Hola y muy buenas noches,este efecto es muy nuevo y quería saber si alguien puede arrojar un poco de luz sobre el efecto,alguien lo tiene y podria decir si merece la pena?gracias a todos

----------


## aprendizz

Buenas a que efecto te referis ? 


saludos

----------


## Ravenous

A uno que puede ser encontrado en google. Pero mira que sois condenadamente vagos...

----------


## cesar1982

Haber si alguien sabe algo jeje

----------


## Ravenous

Pues sinceramente, sólo he visto el video de presentación, y me parece una de esas chorradillas que se venden para los novatos. Un punto que se mueve... si hasta en el video se ve el relieve.
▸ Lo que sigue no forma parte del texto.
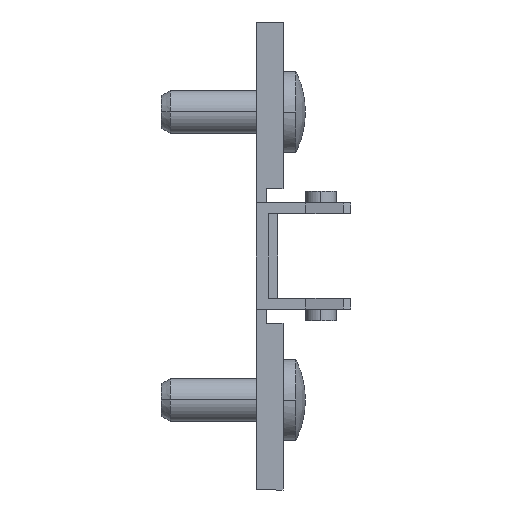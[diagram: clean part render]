
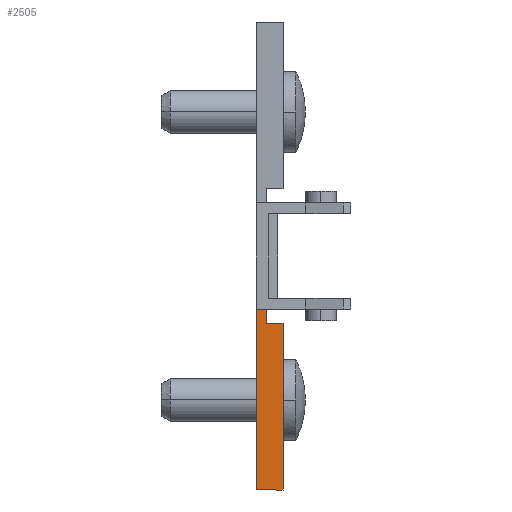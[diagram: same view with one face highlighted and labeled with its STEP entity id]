
A CAD part, front view. The second image highlights one B-rep face of the part: STEP entity #2505.
In plain terms, the highlighted planar face has unit normal (0, -1, 0).
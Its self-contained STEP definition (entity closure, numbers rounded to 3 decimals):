
#71 = EDGE_CURVE ( 'NONE', #1240, #1239, #535, .T. ) ;
#116 = EDGE_CURVE ( 'NONE', #1244, #1240, #484, .T. ) ;
#179 = EDGE_CURVE ( 'NONE', #1231, #1243, #899, .T. ) ;
#226 = EDGE_CURVE ( 'NONE', #1231, #1244, #938, .T. ) ;
#268 = AXIS2_PLACEMENT_3D ( 'NONE', #1969, #1963, #1962 ) ;
#357 = EDGE_CURVE ( 'NONE', #1238, #1243, #3262, .T. ) ;
#400 = EDGE_CURVE ( 'NONE', #1239, #1238, #3259, .T. ) ;
#481 = VECTOR ( 'NONE', #1128, 1000. ) ;
#484 = LINE ( 'NONE', #1124, #481 ) ;
#534 = VECTOR ( 'NONE', #1143, 1000. ) ;
#535 = LINE ( 'NONE', #1142, #534 ) ;
#776 = ORIENTED_EDGE ( 'NONE', *, *, #226, .T. ) ;
#777 = ORIENTED_EDGE ( 'NONE', *, *, #116, .T. ) ;
#778 = ORIENTED_EDGE ( 'NONE', *, *, #179, .F. ) ;
#779 = ORIENTED_EDGE ( 'NONE', *, *, #71, .T. ) ;
#780 = ORIENTED_EDGE ( 'NONE', *, *, #400, .T. ) ;
#783 = ORIENTED_EDGE ( 'NONE', *, *, #357, .T. ) ;
#899 = LINE ( 'NONE', #1504, #904 ) ;
#904 = VECTOR ( 'NONE', #1499, 1000. ) ;
#938 = LINE ( 'NONE', #2323, #956 ) ;
#956 = VECTOR ( 'NONE', #1538, 1000. ) ;
#1124 = CARTESIAN_POINT ( 'NONE',  ( 3., -9., -26. ) ) ;
#1128 = DIRECTION ( 'NONE',  ( 1., 0., 0. ) ) ;
#1142 = CARTESIAN_POINT ( 'NONE',  ( 3., -9., -7.5 ) ) ;
#1143 = DIRECTION ( 'NONE',  ( 0., 0., 1. ) ) ;
#1231 = VERTEX_POINT ( 'NONE', #2147 ) ;
#1238 = VERTEX_POINT ( 'NONE', #2144 ) ;
#1239 = VERTEX_POINT ( 'NONE', #2145 ) ;
#1240 = VERTEX_POINT ( 'NONE', #2146 ) ;
#1243 = VERTEX_POINT ( 'NONE', #2139 ) ;
#1244 = VERTEX_POINT ( 'NONE', #2140 ) ;
#1499 = DIRECTION ( 'NONE',  ( 1., 0., 0. ) ) ;
#1504 = CARTESIAN_POINT ( 'NONE',  ( 1.2, -9., -5.9 ) ) ;
#1538 = DIRECTION ( 'NONE',  ( 0., 0., -1. ) ) ;
#1751 = CARTESIAN_POINT ( 'NONE',  ( 1.2, -9., -7.5 ) ) ;
#1752 = DIRECTION ( 'NONE',  ( -1., 0., 0. ) ) ;
#1812 = CARTESIAN_POINT ( 'NONE',  ( 1.2, -9., -5. ) ) ;
#1813 = DIRECTION ( 'NONE',  ( 0., 0., 1. ) ) ;
#1962 = DIRECTION ( 'NONE',  ( 0., 0., 1. ) ) ;
#1963 = DIRECTION ( 'NONE',  ( 0., 1., 0. ) ) ;
#1969 = CARTESIAN_POINT ( 'NONE',  ( 1.2, -9., -5. ) ) ;
#1972 = PLANE ( 'NONE',  #268 ) ;
#2139 = CARTESIAN_POINT ( 'NONE',  ( 1.2, -9., -5.9 ) ) ;
#2140 = CARTESIAN_POINT ( 'NONE',  ( 0., -9., -26. ) ) ;
#2144 = CARTESIAN_POINT ( 'NONE',  ( 1.2, -9., -7.5 ) ) ;
#2145 = CARTESIAN_POINT ( 'NONE',  ( 3., -9., -7.5 ) ) ;
#2146 = CARTESIAN_POINT ( 'NONE',  ( 3., -9., -26. ) ) ;
#2147 = CARTESIAN_POINT ( 'NONE',  ( 0., -9., -5.9 ) ) ;
#2323 = CARTESIAN_POINT ( 'NONE',  ( 0., -9., -26. ) ) ;
#2505 = ADVANCED_FACE ( 'NONE', ( #3173 ), #1972, .F. ) ;
#3000 = EDGE_LOOP ( 'NONE', ( #778, #776, #777, #779, #780, #783 ) ) ;
#3173 = FACE_OUTER_BOUND ( 'NONE', #3000, .T. ) ;
#3213 = VECTOR ( 'NONE', #1813, 1000. ) ;
#3259 = LINE ( 'NONE', #1751, #3260 ) ;
#3260 = VECTOR ( 'NONE', #1752, 1000. ) ;
#3262 = LINE ( 'NONE', #1812, #3213 ) ;
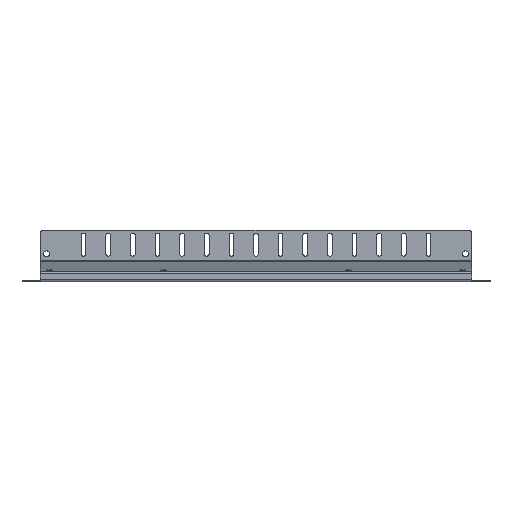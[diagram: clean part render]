
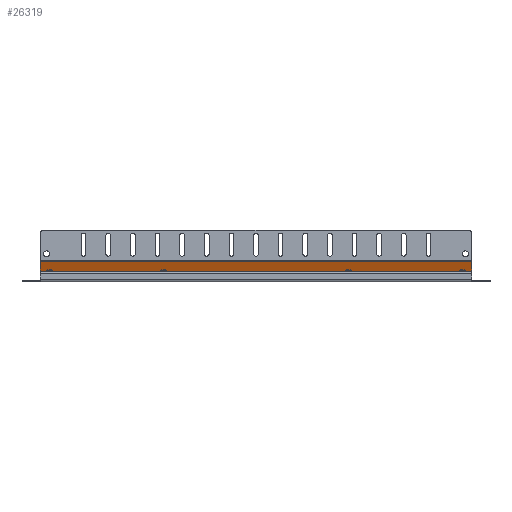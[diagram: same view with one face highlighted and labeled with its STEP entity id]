
A CAD part, top view. The second image highlights one B-rep face of the part: STEP entity #26319.
In plain terms, the highlighted planar face has unit normal (0, -0.375, 0.927) as drawn and (0, -0.927, 0.375) by its records, which use the part's own axes.
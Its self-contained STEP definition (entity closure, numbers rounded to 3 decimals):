
#207=LINE('',#44449,#495);
#209=LINE('',#44456,#497);
#212=LINE('',#44468,#500);
#213=LINE('',#44469,#501);
#495=VECTOR('',#34154,1000.);
#497=VECTOR('',#34162,1000.);
#500=VECTOR('',#34173,1000.);
#501=VECTOR('',#34174,1000.);
#678=PLANE('',#28902);
#3593=ORIENTED_EDGE('',*,*,#8889,.F.);
#3594=ORIENTED_EDGE('',*,*,#8895,.T.);
#3595=ORIENTED_EDGE('',*,*,#8885,.F.);
#3596=ORIENTED_EDGE('',*,*,#8896,.F.);
#8885=EDGE_CURVE('',#18910,#18911,#207,.T.);
#8889=EDGE_CURVE('',#18912,#18913,#209,.T.);
#8895=EDGE_CURVE('',#18912,#18911,#212,.T.);
#8896=EDGE_CURVE('',#18913,#18910,#213,.T.);
#13981=EDGE_LOOP('',(#3593,#3594,#3595,#3596));
#18910=VERTEX_POINT('',#44448);
#18911=VERTEX_POINT('',#44450);
#18912=VERTEX_POINT('',#44455);
#18913=VERTEX_POINT('',#44457);
#21480=FACE_BOUND('',#13981,.T.);
#26319=ADVANCED_FACE('',(#21480),#678,.F.);
#28902=AXIS2_PLACEMENT_3D('',#44467,#34171,#34172);
#34154=DIRECTION('',(0.,-0.375,-0.927));
#34162=DIRECTION('',(0.,0.375,0.927));
#34171=DIRECTION('',(0.,0.927,-0.375));
#34172=DIRECTION('',(0.,0.375,0.927));
#34173=DIRECTION('',(1.,0.,0.));
#34174=DIRECTION('',(1.,0.,0.));
#44448=CARTESIAN_POINT('',(222.25,42.073,-2.46));
#44449=CARTESIAN_POINT('',(222.25,42.541,-1.302));
#44450=CARTESIAN_POINT('',(222.25,34.667,-20.791));
#44455=CARTESIAN_POINT('',(-222.25,34.667,-20.791));
#44456=CARTESIAN_POINT('',(-222.25,42.541,-1.302));
#44457=CARTESIAN_POINT('',(-222.25,42.073,-2.46));
#44467=CARTESIAN_POINT('',(0.,37.023,-14.958));
#44468=CARTESIAN_POINT('',(-222.25,34.667,-20.791));
#44469=CARTESIAN_POINT('',(-222.25,42.073,-2.46));
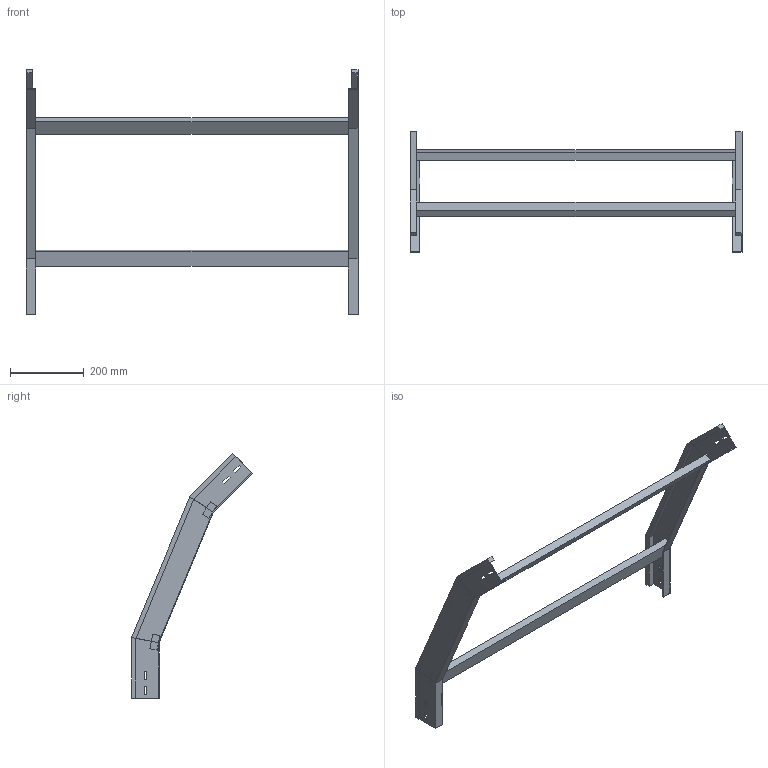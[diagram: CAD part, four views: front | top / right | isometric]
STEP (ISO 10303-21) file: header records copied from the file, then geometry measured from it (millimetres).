
FILE_DESCRIPTION (( 'STEP AP214' ), '1' );
FILE_NAME ('34B5C900.step', '2025-02-21T14:54:42', ( '' ), ( '' ), 'SwSTEP 2.0', 'SolidWorks 2023', '' );
FILE_SCHEMA (( 'AUTOMOTIVE_DESIGN' ));
Length unit declared in the file: millimetre
Products named in the file (3): TRAVERSINO_900; 34B5C900; LONGH.DISCESA_45°_H75_R500
Assembly tree (5 placements, depth 2):
  34B5C900
    LONGH.DISCESA_45°_H75_R500  x2
    TRAVERSINO_900  x3
Bounding box: 900 x 327.63 x 662.94 mm (x, y, z)
Volume: 2740400.1 mm3; surface area: 665298.9 mm2
Topology: 5 solids, 5 shells, 102 faces, 244 edges, 152 vertices
Faces by surface type: plane 102
Entity records: 1480 total; most frequent: CARTESIAN_POINT 244, ORIENTED_EDGE 232, DIRECTION 228, VECTOR 116, LINE 116, EDGE_CURVE 116, VERTEX_POINT 72, EDGE_LOOP 56

En ese sentido, es infinitamente mejor el juegos de los agujeros de Román García (y en menor medida, la versión comercial con gimmick), no sólo por ser más imposible, sino que es más limpio, no hacen falta cortes de cámara ni mamarrachadas para que parezca mágico.

----------


## cesar1982

Gracias por las respuesta,si alguien lo tiene desearía conocer también su opinión

----------


## albertoile

Ravenous una cosa como se llama el efecto de los agujeros el que se mueve :Confused:

----------


## magomago

> Gracias por las respuesta,si alguien lo tiene desearía conocer también su opinión


Mira cesar el juego se llama agujeros viajeros y aparece en su libro nanomagias,he visto el video de INKrage y el juego de Roman le da mil vueltas a esta chorradita,busca en youtube y lo verás que Roman lo hizo en un programa de TV. El DVD de Arnel cuesta 34.95 y el libro de Román con la mejor rutina de agujeros viajeros vale 49.95 y además vienen 26 o 27 juegos mas y algunos son unas verdaderas joyas.Así que yo ni me lo pensaba.

----------


## cesar1982

Muchísimas gracias,no lo conocía,es una auténtica pasada de efecto

----------


## albertoile

Me podéis poner el enlace en tienda magia para el juego de los agujeros q se mueven es que no lo encuentro gracias

----------


## magopicas

> Me podéis poner el enlace en tienda magia para el juego de los agujeros q se mueven es que no lo encuentro gracias


Hola alberto, como ya ha dicho magomago el juego no se vende solo sino que está en el libro de Román García, Nanomagias, y creo que este libro no se encuentra en tiendamagia.
Un saludo.

----------